The diagram shows the real and imaginary parts of the transmitted signal $s(t)$ for a given combination of $a_0$, ... , $a_3$,
which is to be determined in subtask (3).
Notes:
- The exercise belongs to the chapter General Description of OFDM.
- Reference is made in particular to the pages
- OFDM - System consideration in the time domain,
- OFDM - System consideration in the frequency domain with causal basic pulse.
Questions
Solution
(1) The transmitted signal $s(t)$ is a complex oscillation with only one frequency.
- The amplitude $s_0 \hspace{0.15cm}\underline { = 5\ \rm V}$ can be taken directly from the diagram.
(2) Furthermore, the symbol duration $T\hspace{0.15cm}\underline { = 0.2\ \rm ms}$ can be seen from the diagram.
- From this the basic frequency results to $f_0 = 1/T = 5\ \rm kHz$.
(3) In the example shown, there is only one frequency, namely $3 · f_0$.
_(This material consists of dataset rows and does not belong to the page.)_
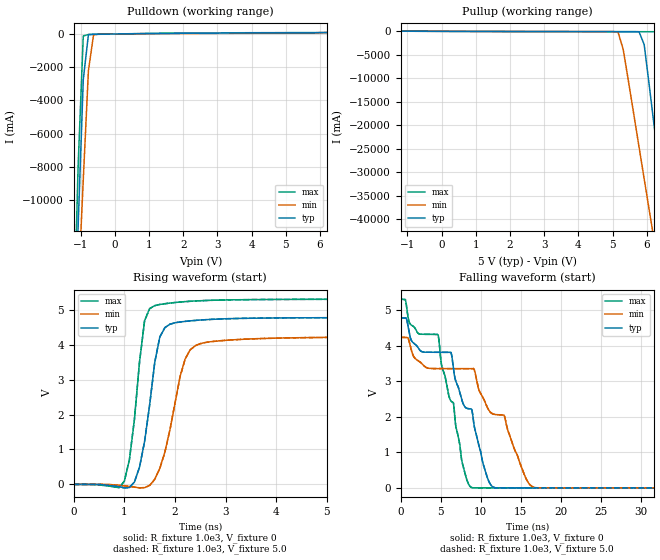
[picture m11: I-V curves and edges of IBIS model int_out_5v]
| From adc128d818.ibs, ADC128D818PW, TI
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[Model] int_out_5v
Model_type Output
Vmeas = 1.4V
Cref = 0.0pF
Rref = 1.0e3
Vref = 0.0V
C_comp   50.0pF   40.8pF   56.8pF
[Voltage Range]   5.0V   4.5V   5.5V
[Temperature Range]   25.0   125.0   -40.0
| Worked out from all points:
|   slope of the pulldown table from 0 to 0.75 V, typ, clamps not added: 38.1 ohm
|   slope of the pullup table from 0 to 0.75 V, typ, clamps not added: 46.3 ohm
|   rising waveform, R_fixture 1.0e3, V_fixture 0: 20-80 % time 283ps typ, 376ps min, 232ps max; typ from 0 V to 4.78 V
|   falling waveform, R_fixture 1.0e3, V_fixture 0: 20-80 % time 7.33ns typ, 11.5ns min, 2.74ns max; typ from 4.78 V to 0 V
|   rising waveform, R_fixture 1.0e3, V_fixture 5.0: 20-80 % time 283ps typ, 376ps min, 232ps max; typ from 0 V to 4.78 V
|   falling waveform, R_fixture 1.0e3, V_fixture 5.0: 20-80 % time 7.33ns typ, 11.5ns min, 2.74ns max; typ from 4.78 V to 0 V
[Pullup]
-5V       99.31mA    81.34mA    113.2mA
5.155V    -66.49mA   -149.1mA   -80.99mA
5.305V    -67.01mA   -3.774A    -81.83mA
5.77V     -88.96mA   -24.63A    -83.58mA
5.92V     -2.796A    -31.4A     -83.86mA
6.07V     -11.61A    -38.15A    -84.12mA
6.37V     -29.65A    -51.59A    -102.8mA
6.52V     -38.62A    -58.29A    -4.229A
6.67V     -47.56A    -64.97A    -15.57A
6.97V     -65.38A    -78.32A    -38.48A
7.135V    -75.16A    -85.65A    -51.01A
10V       -243.4A    -212A      -265.8A
[Pulldown]
-5V       -243.4A    -190.1A    -303.1A
-1.22V    -20.58A    -22.33A    -19.35A
-1.07V    -11.56A    -15.5A     -7.919A
-920mV    -2.748A    -8.771A    -119.2mA
-770mV    -40.56mA   -2.222A    -29.7mA
-620mV    -17.61mA   -50.73mA   -22.67mA
295mV     8.243mA    5.398mA    11.06mA
6.355V    100.4mA    91.22mA    85.89mA
10V       175.1mA    135.6mA    198.6mA
[Rising Waveform]
R_fixture=1.0e3
V_fixture=0
V_fixture_min=0
V_fixture_max=0
0s        2.008nV    68.39nV    1.655nV
1ns       -99.57mV   -41.72mV   91.91mV
1.1ns     -91.51mV   -56.8mV    705.3mV
1.3ns     495.2mV    -99.33mV   3.506V
1.5ns     2.278V     -28.64mV   5.036V
1.6ns     3.489V     144.7mV    5.121V
1.8ns     4.491V     920.6mV    5.176V
2.2ns     4.671V     3.59V      5.236V
2.6ns     4.718V     4.064V     5.268V
99.95ns   4.782V     4.234V     5.307V
[Falling Waveform]
R_fixture=1.0e3
V_fixture=0
V_fixture_min=0
V_fixture_max=0
0s        4.782V     4.234V     5.307V
2.2ns     3.938V     3.575V     4.345V
4.7ns     3.813V     3.353V     4.299V
6.3ns     3.805V     3.353V     2.437V
7.8ns     2.374V     3.353V     618.8mV
8.9ns     2.198V     3.351V     7.563mV
11.3ns    69.28mV    2.109V     105.1uV
12.9ns    169.3uV    2.049V     93.77uV
16.8ns    117.7uV    6.169mV    80.02uV
99.95ns   -5.428uV   1.86uV     -3.252uV
[Rising Waveform]
R_fixture=1.0e3
V_fixture=5.0
V_fixture_min=4.5
V_fixture_max=5.5
0s        2.008nV    68.39nV    1.655nV
1ns       -99.57mV   -41.72mV   91.91mV
1.1ns     -91.51mV   -56.8mV    705.3mV
1.3ns     495.2mV    -99.33mV   3.506V
1.5ns     2.278V     -28.64mV   5.036V
1.6ns     3.489V     144.7mV    5.121V
1.8ns     4.491V     920.6mV    5.176V
2.2ns     4.671V     3.59V      5.236V
2.6ns     4.718V     4.064V     5.268V
99.95ns   4.782V     4.234V     5.307V
[Falling Waveform]
R_fixture=1.0e3
V_fixture=5.0
V_fixture_min=4.5
V_fixture_max=5.5
0s        4.782V     4.234V     5.307V
2.2ns     3.938V     3.575V     4.345V
4.7ns     3.813V     3.353V     4.299V
6.3ns     3.805V     3.353V     2.437V
7.8ns     2.374V     3.353V     618.8mV
8.9ns     2.198V     3.351V     7.563mV
11.3ns    69.28mV    2.109V     105.1uV
12.9ns    169.3uV    2.049V     93.77uV
16.8ns    117.7uV    6.169mV    80.02uV
99.95ns   -5.428uV   1.86uV     -3.252uV
[Ramp]
R_load = 1.0e3
dV/dt_r   2.86923E0/3E-10   2.540292E0/4E-10   3.184285E0/2E-10
dV/dt_f   2.869232E0/7.3E-9   2.540289E0/1.15E-8   3.184285E0/2.7E-9

- From this follows $a_0 = a_1 = a_2 \hspace{0.15cm}\underline { = 0}$ and for the range $0 ≤ t < T$:
- $$s(t) = a_3 \cdot s_0 \cdot {\rm{e}}^{ {\kern 1pt} {\rm{j\hspace{0.04cm}\cdot \hspace{0.04cm}2 \pi}} \hspace{0.04cm}\cdot \hspace{0.04cm} 3 f_0 \hspace{0.04cm}\cdot \hspace{0.04cm} t}= a_3 \cdot s_0 \cdot \cos ({\rm{2 \pi}} \cdot 3 f_0 \cdot t) + \rm{j} \cdot a_3 \cdot s_0 \cdot \sin ({\rm{2 \pi}} \cdot 3 f_0 \cdot t).$$
- Comparison with the sketch $($real part: minus cosine, imaginary part: minus sine$)$ gives the following result:
- $$a_3\hspace{0.15cm}\underline {= -1}.$$
(4) The second solution is correct:
- The magnitude function is: $ |s(t)| = a_3 \cdot s_0 \cdot \sqrt{\cos^2 ({\rm{2 \pi}} \cdot 3 f_0 \cdot t) + \sin^2 ({\rm{2 \pi}} \cdot 3 f_0 \cdot t)}= a_3 \cdot s_0.$
- However, this equation is valid only in the range of symbol duration $T$.
- This means: The OFDM principle works only with a time limit on $T$.
(5) In general, for the OFDM spectrum:
- $$S (f) = s_0 \cdot T \cdot \sum\limits_{\mu = 0}^{N - 1} {a_{\mu } \cdot \,} {\rm{sinc}}(T \cdot (f - \mu \cdot f_0 )) \cdot {\rm{e}}^{ - {\rm{j\hspace{0.04cm}\cdot \hspace{0.04cm}2\pi}} \hspace{0.04cm}\cdot \hspace{0.04cm}{T}/{2}\hspace{0.04cm}\cdot \hspace{0.04cm} (f - \mu \cdot f_0 )} .$$
- The $\rm sinc$ function results from the time limit on $T$, and the last term in the sum results from the displacement law.
- By the zero crossings of the $\rm sinc$ function at the distance $f_0$ as well as $\rm sinc(0) = 1$ one obtains
- $$S(f = μ · f_0) = s_0 · T · a_μ.$$
- With $s_0 = 5 \ \rm V$ and $T = 0.2 \ \rm ms$ ⇒ $s_0 · T = 1\ \rm mV/Hz$ it further holds:
- $$ \mu = 0,\hspace{0.1cm} a_0 = 0\text{:}\hspace{0.95cm} S (f = 0) \hspace{0.15cm}\underline {= 0},\hspace{8cm}.$$
- $$\mu = 1, \hspace{0.1cm}a_1 = +1\text{:}\hspace{0.55cm} S (f = 5\,\,{\rm{kHz}}) \hspace{0.15cm}\underline {= +1\,\,{\rm{mV/Hz}}},$$
- $$ \mu = 2, \hspace{0.1cm}a_2 = -1\text{:}\hspace{0.55cm} S (f = 10\,\,{\rm{kHz}}) \hspace{0.15cm}\underline {= -1\,\,{\rm{mV/Hz}}},$$
- $$ \mu = 3, \hspace{0.1cm}a_3 = +1\text{:}\hspace{0.55cm} S (f = 15\,\,{\rm{kHz}}) \hspace{0.15cm}\underline {= +1\,\,{\rm{mV/Hz}}}.$$
(6) Both statements are correct:
- The orthogonality with respect to the frequency domain has already been shown in subtask (5).
- The orthogonality with respect to the time domain results from the limitation of the individual symbols to the time duration $T$.